Anne Carson, the Toronto-born poet, professor, essayist, classics nerd, and wilful eccentric, has dedicated no small part of her career to reconfiguring ancient myth. Actually, “reconfiguring” just grazes the surface. Let’s try “reinventing,” or “revitalizing,” or even “reframing our understanding of the past by envisaging millennia-old tales as they might play out in a world very much like ours.”
She has revisited classical tragedies by Euripides (An Oresteia, 2009) and Sophocles (Antigonick, 2012), peppering her English translations with unexpected nods to modern works. She has stitched together fragments by the Greek lyric poet Sappho, for her books Eros the Bittersweet (1986) and If Not, Winter (2003). But her best-known work is Autobiography of Red, published in 1998. This novel-in-verse pries a minor episode of Greek lore from between the clenched jaws of history. Based on the twelve mythic labours of Hercules, the story narrows in on the tenth task, in which the hero must steal a herd of red cattle from the monster Geryon, killing the beast in the process. In her telling, the author reimagines the narrative—conquering hero slays grotesque fiend—as a contemporary queer coming-of-age story. From the underdog’s perspective, Carson, advocate of the abject, describes how Herakles (a variation on the Greek name) coolly crushed the heart of the red-winged monster.
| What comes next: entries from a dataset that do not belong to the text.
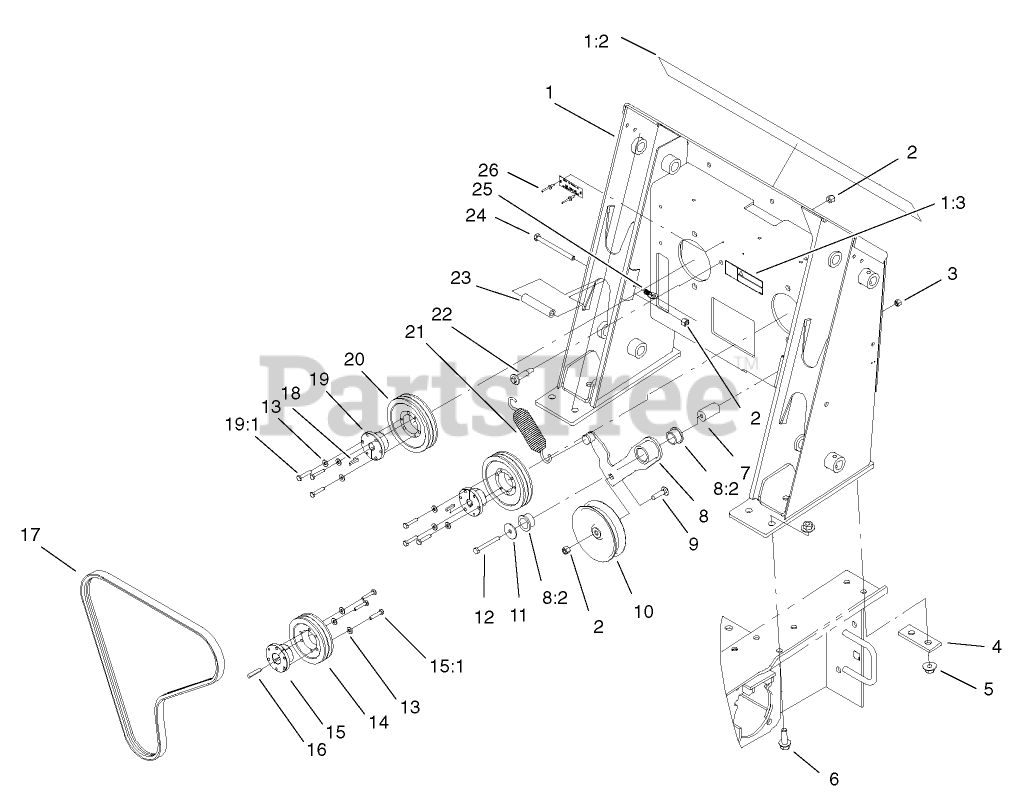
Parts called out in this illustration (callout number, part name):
1	LOADER TOWER ASM
1:2	DECAL-PANEL
1:3	DECAL-WARNING
2	NUT-LOCK, NI
3	NUT-LOCK, NI
4	PLATE-STIFFENER
5	NUT-LOCK, FLANGE
6	SCREW-HHF
7	SPACER-MOUNTING
8	IDLER ARM ASM
8:2	BUSHING-FLANGE
9	SCREW-CARR
10	PULLEY-IDLER
11	WASHER-FLAT
12	SCREW-HH
13	WASHER-FLAT
14	PULLEY
15	BUSHING
15:1	SCREW-HH
16	KEY-SQUARE
17	V-BELT
18	KEY-PUMP
19	BUSHING
19:1	SCREW-HH
20	SHEAVE
21	SPRING-EXTENSION
22	BOLT-WHEEL
23	TUBE-SPACER
24	SCREW-HH
25	LATCH ASM
26	RIVET-POP

Lit world titans gushed over Autobiography of Red (Susan Sontag: “spellbinding”; Alice Munro: “amazing”); it earned awards and accolades (Carson won a MacArthur Fellowship after its publication); and she became that rarest of rare things, a bestselling poet. A glowing 2000 New York Times profile claimed the book had sold 25,000 copies. It was not just popular; it was populist. Carson became a fleeting plot point in the pilot of the soapy, Sapphic Showtime drama, The L Word, in 2004: “Those books practically changed my life,” stammers a drippy writer to her seductress, alluding to Autobiography of Red and Eros the Bittersweet.
Given this, Carson’s decision to produce a sequel, entitled Red Doc>, more than a decade later should come as no surprise. (Though it does. Multiple instalments are the stuff of Star Wars and Harry Potter, not volumes of poetry.) “Some years ago, I wrote a book about a boy named Geryon who was red and had wings and fell in love with Herakles,” she says in the book’s press material. “Recently, I began to wonder what happened to them in later life. Red Doc> continues their adventures in a very different style and with changed names.”
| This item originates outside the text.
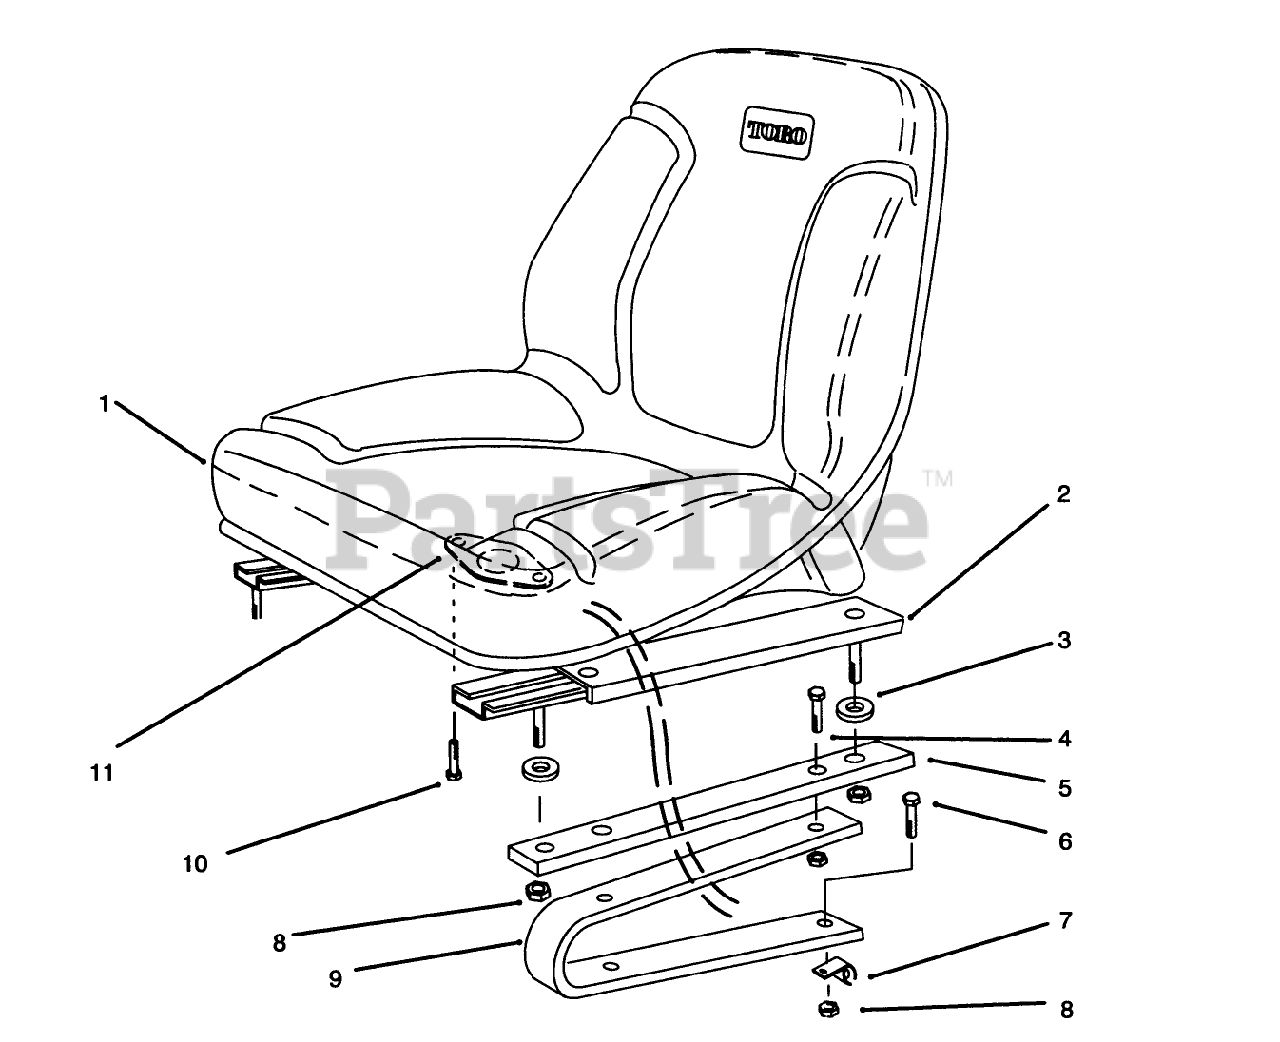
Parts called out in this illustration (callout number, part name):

In Autobiography of Red, she updated a myth to tease out underlying qualities of ancient Greek culture—its embrace of same-sex relationships, for example—that struck a chord in modern times. In Red Doc>, she revisits these characters, outside of their prescribed plot line, to ask what happens when the same old story will not suffice. The answer, as you might imagine, is complex.
A Distinguished Poet-in-Residence at New York University, Carson studied classics at the University of Toronto, with a brief detour at the University of St. Andrews in Scotland, earning a BA, an MA, and a Ph.D. Her doctoral thesis, a rumination on the poet Sappho, later morphed into Eros the Bittersweet. U of T also awarded her an honorary degree last November, in a curious ceremony during which she appeared to be wearing a woollen aviator’s helmet. She is a translator of words and ideas by trade and by instinct, and her project involves matchmaking between classical and modern languages, texts, and meanings.
To be sure, she is not the only contemporary writer to use the distant past to explore the present. Margaret Atwood, for instance, reframed The Odyssey as a misunderstood wife’s tale in her novella turned play, The Penelopiad, seeking to shed light on women relegated to the darker corners of ancient lore. Carson’s work, though, has a unique vitality, in part because she embraces unorthodox tactics.
Autobiography of Red’s puzzle pieces are fragments of an actual ancient poem, the Geryoneis (“the Geryon matter”), by Stesichorus, a Greek lyric bard who lived sometime around the sixth century BC. The original sketches out the life and death of Geryon, a formidable giant with six hands, six feet, several bodies, and great wings, who tended cattle on the red island of Erytheia, until he was killed by an arrow to the head by Heracles (another variation on the name).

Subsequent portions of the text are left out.